Letter 5 – Waved Sphinx from Canada
Subject: Is this beauty hawk moth and why do they shake their wings?
Location: Winnipeg, Manitoba, Canada
June 11, 2014 9:16 am
Hi guys. I’ve previously found a blinded sphinx hawk moth in the same area where just today I saw this unassuming beauty. It was sleeping? When I brushed up against it by accident with my lens, it fell into my hands, started walking on my arm,and then it’s wings shook like it was trying to fly, but couldn’t. Was it cold, and needing to warm up to flee the scene – or was it a warning? It looked in perfect health. I put it gently back on the wall, and it continued its wing shaking. Thank you kindly in advance.
Signature: Maggie M.
We believe we have correctly identified your Hawkmoth as a Waved Sphinx, Ceratomia undulosa, thanks to images posted to the Sphingidae of the Americas website. We have observed the behavior you describe, though we cannot provide a definitive answer regarding why moths flutter.
Thank you so much for the quick reply. You guys rock. 🙂
Letter 6 – Waved Sphinx from Canada
Location: Winnipeg, canada
July 6, 2016 12:05 pm
Your moth is a Waved Sphinx.
Letter 7 – Waved Sphinx
Subject: Large moth
Location: Saskatoon, sk
July 6, 2016 8:09 pm
This guy fell out of our tree in our yard, he was not alive when i seen him fall and because he is so large from other moths in our area I am curious to find out what kind he is.
Letter 8 – Waved Sphinx, we believe
Subject: What’s that Moth?
Geographic location of the bug: Northern Indiana
Time: 09:36 PM EDT
Your letter to the bugman: Can you tell me what this moth is? We have looked around at many options but can’t quite place it. Might be a Catalpa or a Northern Pine?
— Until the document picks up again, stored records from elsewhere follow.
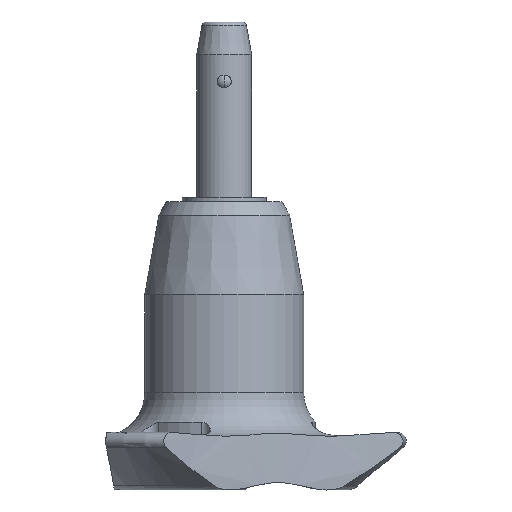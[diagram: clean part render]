
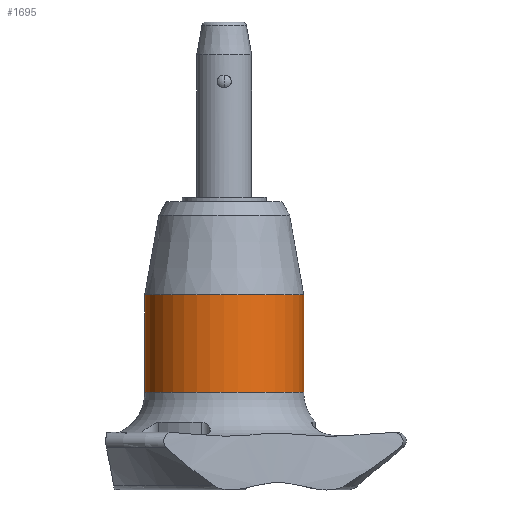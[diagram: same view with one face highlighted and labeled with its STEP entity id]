
A CAD part, front view. The second image highlights one B-rep face of the part: STEP entity #1695.
In plain terms, the highlighted cylindrical face has radius 7.25 mm (diameter 14.5 mm), a partial arc.
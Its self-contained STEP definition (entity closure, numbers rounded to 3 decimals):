
#17 = CARTESIAN_POINT ( 'NONE',  ( 7.25, 0., -18.9 ) ) ;
#31 = ORIENTED_EDGE ( 'NONE', *, *, #157, .T. ) ;
#34 = DIRECTION ( 'NONE',  ( 0., 0., -1. ) ) ;
#49 = DIRECTION ( 'NONE',  ( 0., 0., -1. ) ) ;
#157 = EDGE_CURVE ( 'NONE', #383, #1685, #1528, .T. ) ;
#227 = ORIENTED_EDGE ( 'NONE', *, *, #1249, .T. ) ;
#313 = AXIS2_PLACEMENT_3D ( 'NONE', #2270, #2013, #2256 ) ;
#383 = VERTEX_POINT ( 'NONE', #1873 ) ;
#427 = VERTEX_POINT ( 'NONE', #17 ) ;
#638 = CYLINDRICAL_SURFACE ( 'NONE', #1450, 7.25 ) ;
#752 = CIRCLE ( 'NONE', #1067, 7.25 ) ;
#809 = EDGE_LOOP ( 'NONE', ( #2462, #227, #31, #1834 ) ) ;
#883 = CIRCLE ( 'NONE', #313, 7.25 ) ;
#1020 = LINE ( 'NONE', #1255, #2096 ) ;
#1067 = AXIS2_PLACEMENT_3D ( 'NONE', #1409, #1208, #1857 ) ;
#1208 = DIRECTION ( 'NONE',  ( 0., 0., -1. ) ) ;
#1249 = EDGE_CURVE ( 'NONE', #427, #383, #752, .T. ) ;
#1255 = CARTESIAN_POINT ( 'NONE',  ( 7.25, 0., -27.8 ) ) ;
#1284 = DIRECTION ( 'NONE',  ( 0., 0., -1. ) ) ;
#1299 = FACE_OUTER_BOUND ( 'NONE', #809, .T. ) ;
#1310 = CARTESIAN_POINT ( 'NONE',  ( -7.25, 0., -27.8 ) ) ;
#1409 = CARTESIAN_POINT ( 'NONE',  ( 0., 0., -18.9 ) ) ;
#1450 = AXIS2_PLACEMENT_3D ( 'NONE', #2116, #49, #1866 ) ;
#1479 = VECTOR ( 'NONE', #1284, 1000. ) ;
#1528 = LINE ( 'NONE', #1310, #1479 ) ;
#1541 = CARTESIAN_POINT ( 'NONE',  ( 7.25, 0., -27.8 ) ) ;
#1593 = EDGE_CURVE ( 'NONE', #1900, #1685, #883, .T. ) ;
#1685 = VERTEX_POINT ( 'NONE', #2489 ) ;
#1695 = ADVANCED_FACE ( 'NONE', ( #1299 ), #638, .T. ) ;
#1834 = ORIENTED_EDGE ( 'NONE', *, *, #1593, .F. ) ;
#1857 = DIRECTION ( 'NONE',  ( -1., 0., 0. ) ) ;
#1866 = DIRECTION ( 'NONE',  ( -1., 0., 0. ) ) ;
#1873 = CARTESIAN_POINT ( 'NONE',  ( -7.25, 0., -18.9 ) ) ;
#1900 = VERTEX_POINT ( 'NONE', #1541 ) ;
#1957 = EDGE_CURVE ( 'NONE', #427, #1900, #1020, .T. ) ;
#2013 = DIRECTION ( 'NONE',  ( 0., 0., -1. ) ) ;
#2096 = VECTOR ( 'NONE', #34, 1000. ) ;
#2116 = CARTESIAN_POINT ( 'NONE',  ( 0., 0., -27.8 ) ) ;
#2256 = DIRECTION ( 'NONE',  ( -1., 0., 0. ) ) ;
#2270 = CARTESIAN_POINT ( 'NONE',  ( 0., 0., -27.8 ) ) ;
#2462 = ORIENTED_EDGE ( 'NONE', *, *, #1957, .F. ) ;
#2489 = CARTESIAN_POINT ( 'NONE',  ( -7.25, 0., -27.8 ) ) ;

How you want your letter signed: Joshua
We actually believe this is a Waved Sphinx, Ceratomia undulosa, which is in the same genus as the Catalpa Sphinx. See images on Sphingidae of the Americas. We will attempt to contact Bill Oehlke for confirmation.
Thank you for such a quick response! We were definitely curious and several of us were searching the web for photos to identify. Thanks for the link to the specific page as well!
Letter 9 – Waved Sphinx Caterpillar
large green and purple caterpillar
Location: Southern Utah
September 29, 2010 4:18 pm
We found this caterpillar in the garage in southern utah in September. Its green and purple banded with a green tail.
According to Bill Oehlke’s website Sphingidae of the Americas, the caterpillar of the Waved Sphinx, Ceratomia undulosa, changes color: “Just prior to pupation, larvae frequently take on a rosy hue.” Sphinx Moth caterpillars are often called Hornworms because of the prominent caudal horn found on the caterpillar of many species, including the Waved Sphinx.
Letter 10 – Waved Sphinx Caterpillar
Location: Oneida, WI
August 18, 2014 6:52 pm
I found this caterpillar on my back porch after a rain storm on 8-18-14 in Oneida , WI. From what I can see from photos online I think it might be a waved sphinx but wanted your opinion.